How did they get from step (1) to (2)?

What does "Expanding across the first row" mean here? - May 17th 2009, 09:49 PMJen
Take the determinant.

Expanding across the first row mean they are taking the determinant starting in the top left corner with the first element of the first row. - May 17th 2009, 10:24 PMGammaCofactor expansion.
This is called cofactor expansion. You can calculate the determinant by going down any column (the determinant of the transpose is the same, so you can also go down a row if you want.) Determinant Expansion by Minors -- from Wolfram MathWorld

- May 18th 2009, 12:12 AMscorpion007
Hopefully this isn't breaking the rule of two unrelated questions in a single thread, but it relates to the same image:

How did they factorise the cubic polynomial into those two factors? Does it involve polynomial division? I can't seem to see it. - May 18th 2009, 03:13 AMmr fantastic
The equation can be written as

$\displaystyle -\lambda (\lambda + 1) (\lambda - 1) + (\lambda + 1) + (\lambda + 1) = 0$

$\displaystyle -\lambda (\lambda + 1) (\lambda - 1) + 2(\lambda + 1) = 0$

Factorise this by taking out the common factor and simplifying.
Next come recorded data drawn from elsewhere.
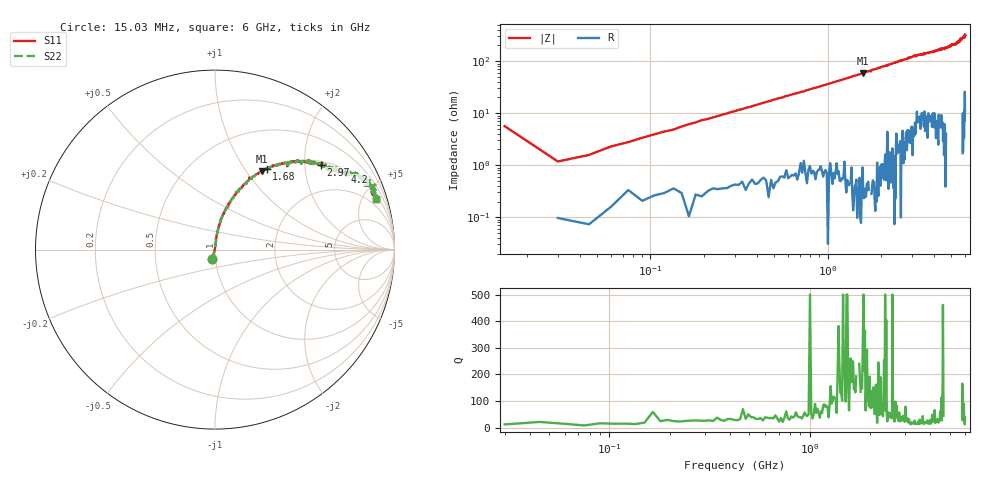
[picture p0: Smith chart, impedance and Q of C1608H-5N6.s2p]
!	Network	Analyzer	HP8753E.07.74:	Oct	30	2002	Serial	No.	JP38451487
!	Hewlett-Packard
!	7	Sep	2009	10:13:04
!	Frequency	S11	S21	S12	S22
#	HZ	S	RI	R	50
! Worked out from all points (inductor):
!   400 points, 15.03 MHz to 6 GHz, reference 50 ohm
!   read as one part in series: L = 5.83 nH near 45.03 MHz
!   highest Q = 247 at 1.59 GHz (marker M1), where L = 5.92 nH
!   S11 on the Smith chart (normalised r, x): 15.03 MHz: 0.96, -0.11; 1.68 GHz: 1.01, +1.26; 2.97 GHz: 1.09, +2.40; 4.2 GHz: 1.09, +3.28; 6 GHz: 1.33, +6.25
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1.502992e7  -0.0152 -0.0545  1.02 0.0545  1.02 0.0545  -0.0152 -0.0545
3.002985e7  0.0012 0.0117  0.999 -0.0117  0.999 -0.0117  0.0012 0.0117
6.00297e7  0.00222 0.0228  0.998 -0.0228  0.998 -0.0228  0.00222 0.0228
1.200294e8  0.00471 0.044  0.995 -0.044  0.995 -0.044  0.00471 0.044
1.95029e8  0.0076 0.0725  0.992 -0.0725  0.992 -0.0725  0.0076 0.0725
2.850286e8  0.0145 0.103  0.985 -0.103  0.985 -0.103  0.0145 0.103
5.850271e8  0.0509 0.202  0.949 -0.202  0.949 -0.202  0.0509 0.202
1.020025e9  0.124 0.32  0.876 -0.32  0.876 -0.32  0.124 0.32
1.590022e9  0.26 0.436  0.74 -0.436  0.74 -0.436  0.26 0.436
1.680022e9  0.287 0.449  0.713 -0.449  0.713 -0.449  0.287 0.449
2.01002e9  0.373 0.477  0.627 -0.477  0.627 -0.477  0.373 0.477
2.970015e9  0.588 0.474  0.412 -0.474  0.412 -0.474  0.588 0.474
3.015015e9  0.598 0.484  0.402 -0.484  0.402 -0.484  0.598 0.484
4.00501e9  0.706 0.439  0.294 -0.439  0.294 -0.439  0.706 0.439
4.200009e9  0.724 0.433  0.276 -0.433  0.276 -0.433  0.724 0.433
5.010005e9  0.81 0.405  0.19 -0.405  0.19 -0.405  0.81 0.405
5.295004e9  0.822 0.403  0.178 -0.403  0.178 -0.403  0.822 0.403
5.535002e9  0.834 0.357  0.166 -0.357  0.166 -0.357  0.834 0.357
5.565002e9  0.893 0.36  0.107 -0.36  0.107 -0.36  0.893 0.36
5.595002e9  0.855 0.356  0.145 -0.356  0.145 -0.356  0.855 0.356
5.625002e9  0.894 0.332  0.106 -0.332  0.106 -0.332  0.894 0.332
6e9  0.895 0.281  0.105 -0.281  0.105 -0.281  0.895 0.281
| TEXAS INSTRUMENTS INCORPORATED
| Standard Linear and Logic Group
| IBIS Model of SN74AHC574
| OCTAL EDGE-TRIGGERED D-TYPE FLIP-FLOPS WITH 3-STATE OUTPUTS
| This file contains package information for the following:
|  SSOP 20-pin (DB) package as [Component] AHC574_DB
|  TVSOP 20-pin (DGV) package as [Component] AHC574_DGV
|  SOIC 20-pin (DW) package as [Component] AHC574_DW
|  PDIP 20-pin (N) package as [Component] AHC574_N
|  SOP 20-pin (NS) package as [Component] AHC574_NS
|  TSSOP 20-pin (PW) package as [Component] AHC574_PW
| This device can be powered at the following Vccs:
|  2.2 volt Vcc
|  3.3 volt Vcc
|  5 volt Vcc
| This file provides unique models under the [Model Selector] for each Vcc.
| For operation at a specific Vcc, select the appropriate model after each
| [Model Selector] keyword.
[IBIS Ver]   3.2
[Comment char]  |_char
[File Name]   sn74ahc574.ibs
[File Rev]   1.1 | a_die
[Date]   November 27, 2002
[Source]   Data created from TI-SPICE simulations at TI-SLL.
[Notes]   The following is an IBIS list for the AHC574.
   Please contact sllibis@ti.com with questions and
   comments concerning SLL IBIS models.
   This IBIS model is created from a BA (back annotated
   netlist).
   -Due to the fact that the Device is 5-V Input/Output
   tolarent, the output model has some Non-Monotonic Warnings.
   -Power-clamp data has been deleted from the OE and CLK models
   since there is no power-clamp diode.
[Disclaimer] Property of Texas Instruments Incorporated.  Unauthorized
   reproduction and/or distribution is strictly prohibited.
   This product is protected under copyright law.
   Created  2002, (C) Copyright  2002, Texas Instruments
   Incorporated, All Rights Reserved
   UNLESS THERE IS A SIGNED, WRITTEN AGREEMENT TO THE
   CONTRARY, TEXAS INSTRUMENTS (TI) IS PROVIDING THE IBIS
   MODELS  AND WITHOUT ANY WARRANTY, EXPRESSED OR
   IMPLIED.  TI assumes no liability for:
   1) the accuracy of the IBIS models provided to your
   company;
   2) the proper functioning of these IBIS Models in your
   design or for any resulting applications; or
   3) infringement of patents, copyrights or intellectual
   property rights resulting from your use of these IBIS
   models.
   TI provides IBIS Models as a service to our customers.
   You and your company shall not distribute, sell or give
   these models to anyone else without prior written
   permission from TI.
   TI reserves the right to make changes to our products or
   to discontinue any semiconductor product or service
   without notice, and advises our customers to obtain the
   latest version of relevant information to verify, before
   placing orders, that the information being relied on is
   current.
   Please be aware that your receipt and use of the IBIS
   information provided shall serve as acceptance of these
   terms and conditions.  If you do not accept these terms,
   you should return or destroy the IBIS models and any
   other accompanying information immediately.
| Component AHC574_DB 20-pin SSOP
[Component]   AHC574_DB
[Manufacturer]   Texas Instruments, Inc.
[Package]
|   typ   min   max
R_pkg   4.000e-02   3.500e-02   5.100e-02
L_pkg   3.495e-09   3.035e-09   4.314e-09
C_pkg   4.200e-13   3.460e-13   5.020e-13
[Pin]   signal_name   model_name   R_pin   L_pin   C_pin
1   NOE   AHC574_OE   4.900e-02   4.310e-09   5.020e-13
2   1D   AHC574_IN   4.800e-02   3.903e-09   4.870e-13
3   2D   AHC574_IN   3.500e-02   3.189e-09   3.960e-13
4   3D   AHC574_IN   3.500e-02   3.036e-09   3.470e-13
5   4D   AHC574_IN   3.500e-02   3.035e-09   3.670e-13
6   5D   AHC574_IN   3.500e-02   3.035e-09   3.670e-13
7   6D   AHC574_IN   3.500e-02   3.036e-09   3.470e-13
8   7D   AHC574_IN   3.500e-02   3.189e-09   3.970e-13
9   8D   AHC574_IN   4.700e-02   3.899e-09   4.880e-13
10   GND   GND   5.100e-02   4.314e-09   5.000e-13
11   CLK   AHC574_CLK   5.100e-02   4.314e-09   5.000e-13
12   8Q   AHC574_OUT   4.700e-02   3.899e-09   4.880e-13
13   7Q   AHC574_OUT   3.500e-02   3.189e-09   3.970e-13
14   6Q   AHC574_OUT   3.500e-02   3.036e-09   3.460e-13
15   5Q   AHC574_OUT   3.500e-02   3.035e-09   3.670e-13
16   4Q   AHC574_OUT   3.500e-02   3.035e-09   3.670e-13
17   3Q   AHC574_OUT   3.500e-02   3.036e-09   3.460e-13
18   2Q   AHC574_OUT   3.500e-02   3.189e-09   3.970e-13
19   1Q   AHC574_OUT   4.700e-02   3.899e-09   4.880e-13
20   VCC   POWER   5.100e-02   4.314e-09   5.020e-13
| Component AHC574_DGV 20-pin TVSOP
[Component]   AHC574_DGV
[Manufacturer]   Texas Instruments, Inc.
[Package]
|   typ   min   max
R_pkg   4.400e-02   3.800e-02   4.800e-02
L_pkg   2.561e-09   2.236e-09   2.961e-09
C_pkg   3.420e-13   2.640e-13   4.460e-13
[Pin]   signal_name   model_name   R_pin   L_pin   C_pin
1   NOE   AHC574_OE   4.400e-02   2.935e-09   4.170e-13
2   1D   AHC574_IN   4.200e-02   2.869e-09   4.460e-13
3   2D   AHC574_IN   4.300e-02   2.399e-09   3.160e-13
4   3D   AHC574_IN   4.400e-02   2.236e-09   2.650e-13
5   4D   AHC574_IN   4.600e-02   2.278e-09   2.640e-13
6   5D   AHC574_IN   4.500e-02   2.274e-09   2.640e-13
7   6D   AHC574_IN   4.400e-02   2.285e-09   2.690e-13
8   7D   AHC574_IN   4.300e-02   2.452e-09   3.200e-13
9   8D   AHC574_IN   4.400e-02   2.900e-09   4.460e-13
10   GND   GND   4.400e-02   2.961e-09   4.180e-13
11   CLK   AHC574_CLK   4.500e-02   2.954e-09   4.180e-13
12   8Q   AHC574_OUT   4.200e-02   2.847e-09   4.430e-13
13   7Q   AHC574_OUT   4.500e-02   2.453e-09   3.190e-13
14   6Q   AHC574_OUT   4.500e-02   2.297e-09   2.690e-13
15   5Q   AHC574_OUT   4.800e-02   2.334e-09   2.680e-13
16   4Q   AHC574_OUT   4.800e-02   2.335e-09   2.670e-13
17   3Q   AHC574_OUT   4.600e-02   2.299e-09   2.680e-13
18   2Q   AHC574_OUT   4.600e-02   2.457e-09   3.200e-13
19   1Q   AHC574_OUT   4.300e-02   2.848e-09   4.410e-13
20   VCC   POWER   3.800e-02   2.812e-09   4.080e-13
| Component AHC574_DW 20-pin SOIC
[Component]   AHC574_DW
[Manufacturer]   Texas Instruments, Inc.
[Package]
|   typ   min   max
R_pkg   3.800e-02   3.300e-02   4.500e-02
L_pkg   5.012e-09   4.110e-09   6.349e-09
C_pkg   7.170e-13   5.300e-13   8.680e-13
[Pin]   signal_name   model_name   R_pin   L_pin   C_pin
1   NOE   AHC574_OE   4.200e-02   6.336e-09   8.650e-13
2   1D   AHC574_IN   4.300e-02   5.542e-09   8.670e-13
3   2D   AHC574_IN   3.400e-02   4.714e-09   7.320e-13
4   3D   AHC574_IN   3.400e-02   4.377e-09   5.910e-13
5   4D   AHC574_IN   3.600e-02   4.130e-09   5.330e-13
6   5D   AHC574_IN   3.500e-02   4.111e-09   5.300e-13
7   6D   AHC574_IN   3.400e-02   4.284e-09   5.830e-13
8   7D   AHC574_IN   3.400e-02   4.634e-09   7.260e-13
9   8D   AHC574_IN   4.000e-02   5.518e-09   8.650e-13
10   GND   GND   4.300e-02   6.349e-09   8.660e-13
11   CLK   AHC574_CLK   4.100e-02   6.281e-09   8.610e-13
12   8Q   AHC574_OUT   4.500e-02   5.561e-09   8.680e-13
13   7Q   AHC574_OUT   3.300e-02   4.778e-09   7.420e-13
14   6Q   AHC574_OUT   3.500e-02   4.414e-09   5.960e-13
15   5Q   AHC574_OUT   3.500e-02   4.110e-09   5.330e-13
16   4Q   AHC574_OUT   3.600e-02   4.130e-09   5.330e-13
17   3Q   AHC574_OUT   3.400e-02   4.377e-09   5.910e-13
18   2Q   AHC574_OUT   3.400e-02   4.714e-09   7.310e-13
19   1Q   AHC574_OUT   4.300e-02   5.569e-09   8.680e-13
20   VCC   POWER   4.200e-02   6.308e-09   8.640e-13
| Component AHC574_N 20-pin PDIP
[Component]   AHC574_N
[Manufacturer]   Texas Instruments, Inc.
[Package]
|   typ   min   max
R_pkg   4.300e-02   3.800e-02   5.000e-02
L_pkg   7.384e-09   4.680e-09   1.032e-08
C_pkg   5.100e-13   2.310e-13   8.210e-13
[Pin]   signal_name   model_name   R_pin   L_pin   C_pin
1   NOE   AHC574_OE   4.200e-02   9.427e-09   8.100e-13
2   1D   AHC574_IN   4.600e-02   8.544e-09   4.560e-13
3   2D   AHC574_IN   4.800e-02   7.163e-09   4.350e-13
4   3D   AHC574_IN   4.000e-02   4.825e-09   2.610e-13
5   4D   AHC574_IN   4.000e-02   5.284e-09   6.480e-13
6   5D   AHC574_IN   4.000e-02   4.686e-09   2.320e-13
7   6D   AHC574_IN   4.000e-02   6.359e-09   4.890e-13
8   7D   AHC574_IN   3.800e-02   7.982e-09   4.750e-13
9   8D   AHC574_IN   4.300e-02   9.403e-09   4.750e-13
10   GND   GND   5.000e-02   1.032e-08   8.050e-13
11   CLK   AHC574_CLK   5.000e-02   1.028e-08   8.100e-13
12   8Q   AHC574_OUT   4.300e-02   9.383e-09   4.770e-13
13   7Q   AHC574_OUT   3.800e-02   7.978e-09   4.760e-13
14   6Q   AHC574_OUT   4.000e-02   6.302e-09   4.920e-13
15   5Q   AHC574_OUT   4.000e-02   4.680e-09   2.310e-13
16   4Q   AHC574_OUT   4.000e-02   5.284e-09   6.480e-13
17   3Q   AHC574_OUT   4.000e-02   4.822e-09   2.610e-13
18   2Q   AHC574_OUT   4.700e-02   7.118e-09   4.390e-13
19   1Q   AHC574_OUT   4.600e-02   8.492e-09   4.610e-13
20   VCC   POWER   4.300e-02   9.348e-09   8.210e-13
| Component AHC574_NS 20-pin SOP
[Component]   AHC574_NS
[Manufacturer]   Texas Instruments, Inc.
[Package]
|   typ   min   max
R_pkg   4.400e-02   2.900e-02   5.800e-02
L_pkg   3.666e-09   2.317e-09   5.115e-09
C_pkg   5.480e-13   3.160e-13   7.250e-13
[Pin]   signal_name   model_name   R_pin   L_pin   C_pin
1   NOE   AHC574_OE   5.800e-02   5.115e-09   7.250e-13
2   1D   AHC574_IN   5.300e-02   4.591e-09   7.240e-13
3   2D   AHC574_IN   4.900e-02   3.754e-09   5.720e-13
4   3D   AHC574_IN   2.900e-02   2.549e-09   3.880e-13
5   4D   AHC574_IN   3.100e-02   2.317e-09   3.160e-13
6   5D   AHC574_IN   3.100e-02   2.317e-09   3.160e-13
7   6D   AHC574_IN   2.900e-02   2.556e-09   3.990e-13
8   7D   AHC574_IN   4.900e-02   3.754e-09   5.790e-13
9   8D   AHC574_IN   5.300e-02   4.591e-09   7.240e-13
10   GND   GND   5.800e-02   5.115e-09   7.250e-13
11   CLK   AHC574_CLK   5.800e-02   5.115e-09   7.250e-13
12   8Q   AHC574_OUT   5.300e-02   4.591e-09   7.240e-13
13   7Q   AHC574_OUT   4.900e-02   3.754e-09   5.790e-13
14   6Q   AHC574_OUT   2.900e-02   2.557e-09   3.990e-13
15   5Q   AHC574_OUT   3.100e-02   2.317e-09   3.160e-13
16   4Q   AHC574_OUT   3.100e-02   2.317e-09   3.160e-13
17   3Q   AHC574_OUT   2.900e-02   2.557e-09   3.990e-13
18   2Q   AHC574_OUT   4.900e-02   3.754e-09   5.790e-13
19   1Q   AHC574_OUT   5.300e-02   4.591e-09   7.240e-13
20   VCC   POWER   5.800e-02   5.115e-09   7.250e-13
| Component AHC574_PW 20-pin TSSOP
[Component]   AHC574_PW
[Manufacturer]   Texas Instruments, Inc.
[Package]
|   typ   min   max
R_pkg   5.000e-02   4.200e-02   6.000e-02
L_pkg   2.802e-09   2.248e-09   3.553e-09
C_pkg   3.170e-13   2.020e-13   4.430e-13
[Pin]   signal_name   model_name   R_pin   L_pin   C_pin
1   NOE   AHC574_OE   5.500e-02   3.461e-09   4.400e-13
2   1D   AHC574_IN   5.500e-02   3.150e-09   4.010e-13
3   2D   AHC574_IN   4.200e-02   2.619e-09   3.020e-13
4   3D   AHC574_IN   4.500e-02   2.273e-09   2.020e-13
5   4D   AHC574_IN   4.500e-02   2.248e-09   2.240e-13
6   5D   AHC574_IN   4.500e-02   2.273e-09   2.260e-13
7   6D   AHC574_IN   4.400e-02   2.323e-09   2.050e-13
8   7D   AHC574_IN   4.600e-02   2.704e-09   3.070e-13
9   8D   AHC574_IN   6.000e-02   3.265e-09   4.110e-13
10   GND   GND   5.700e-02   3.506e-09   4.360e-13
11   CLK   AHC574_CLK   5.800e-02   3.553e-09   4.370e-13
12   8Q   AHC574_OUT   5.800e-02   3.193e-09   4.050e-13
13   7Q   AHC574_OUT   4.200e-02   2.704e-09   3.110e-13
14   6Q   AHC574_OUT   4.600e-02   2.392e-09   2.100e-13
15   5Q   AHC574_OUT   4.700e-02   2.334e-09   2.290e-13
16   4Q   AHC574_OUT   4.700e-02   2.300e-09   2.270e-13
17   3Q   AHC574_OUT   4.700e-02   2.349e-09   2.070e-13
18   2Q   AHC574_OUT   4.500e-02   2.677e-09   3.060e-13
19   1Q   AHC574_OUT   6.000e-02   3.235e-09   4.060e-13
20   VCC   POWER   5.600e-02   3.487e-09   4.430e-13
| Model AHC574_CLK
[Model Selector]   AHC574_CLK
AHC574_CLK_22   2.2 volt Vcc
AHC574_CLK_33   3.3 volt Vcc
AHC574_CLK_50   5 volt Vcc
| Model AHC574_OE
[Model Selector]   AHC574_OE
AHC574_OE_22   2.2 volt Vcc
AHC574_OE_33   3.3 volt Vcc
AHC574_OE_50   5 volt Vcc
| Model AHC574_IN
[Model Selector]   AHC574_IN
AHC574_IN_22   2.2 volt Vcc
AHC574_IN_33   3.3 volt Vcc
AHC574_IN_50   5 volt Vcc
| Model AHC574_OUT
[Model Selector]   AHC574_OUT
AHC574_OUT_22   2.2 volt Vcc
AHC574_OUT_33   3.3 volt Vcc
AHC574_OUT_50   5 volt Vcc
| Models and submodels in the file (12): AHC574_CLK_22 (Input), AHC574_CLK_33 (Input), AHC574_CLK_50 (Input), AHC574_OE_22 (Input), AHC574_OE_33 (Input), AHC574_OE_50 (Input), AHC574_IN_22 (Input), AHC574_IN_33 (Input), AHC574_IN_50 (Input), AHC574_OUT_22 (3-state), AHC574_OUT_33 (3-state), AHC574_OUT_50 (3-state)

Note: The final answer given in your image is wrong. - May 18th 2009, 03:32 AMscorpion007
Ah thank you!

So it should be:

$\displaystyle (\lambda +1)(-\lambda^2+\lambda+2)=0$ ?

These lecture notes have many mistakes...

edit:

which is the same as:

$\displaystyle -(\lambda +1)(\lambda^2-\lambda-2)=0$

$\displaystyle \implies -(\lambda +1)(\lambda-2)(\lambda+1)=0$

$\displaystyle \implies -(\lambda +1)^2(\lambda-2)=0$

and so

$\displaystyle \lambda = -1, 2$ (has a repeated root).